(Records drawn from a dataset)
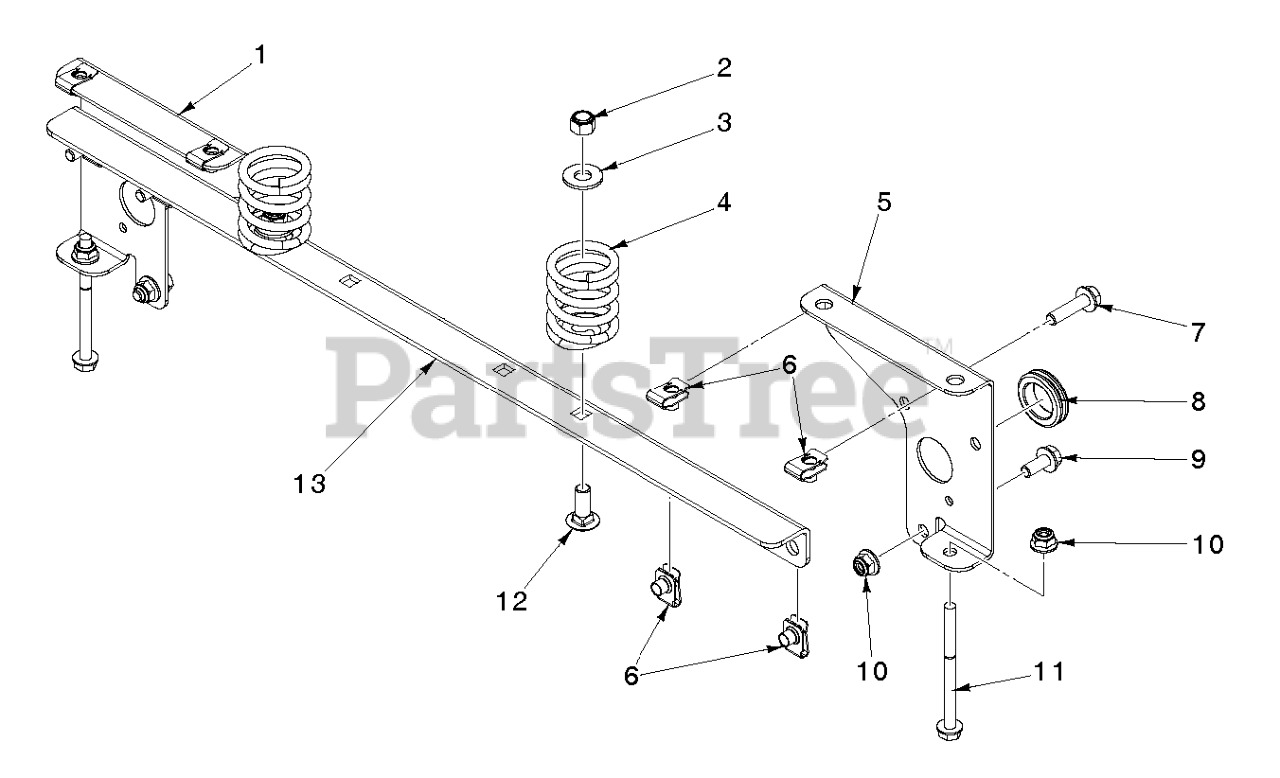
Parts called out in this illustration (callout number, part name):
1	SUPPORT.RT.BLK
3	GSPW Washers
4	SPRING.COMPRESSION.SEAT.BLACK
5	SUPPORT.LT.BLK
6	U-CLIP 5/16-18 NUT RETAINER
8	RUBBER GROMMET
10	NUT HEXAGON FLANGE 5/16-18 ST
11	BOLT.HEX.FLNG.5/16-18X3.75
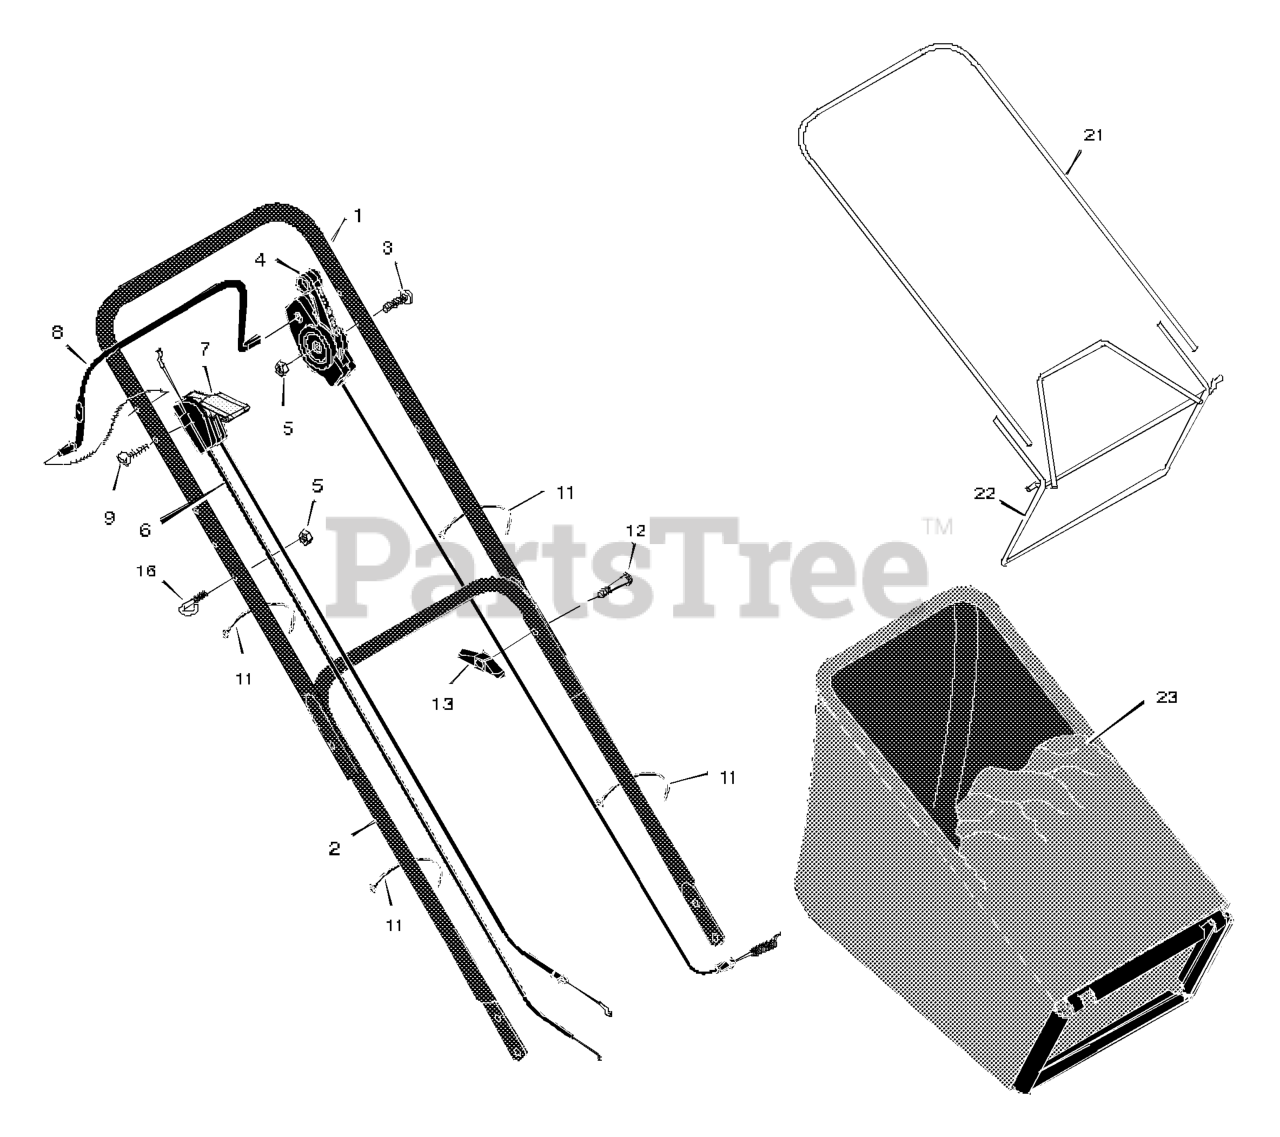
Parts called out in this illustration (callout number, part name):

* _WORK REQUEST_:
What is needed is every record above printed exactly, with no pictures.

* _TASK RESPONSE_:
Parts called out in this illustration (callout number, part name):
1	SUPPORT.RT.BLK
3	GSPW Washers
4	SPRING.COMPRESSION.SEAT.BLACK
5	SUPPORT.LT.BLK
6	U-CLIP 5/16-18 NUT RETAINER
8	RUBBER GROMMET
10	NUT HEXAGON FLANGE 5/16-18 ST
11	BOLT.HEX.FLNG.5/16-18X3.75
Parts called out in this illustration (callout number, part name):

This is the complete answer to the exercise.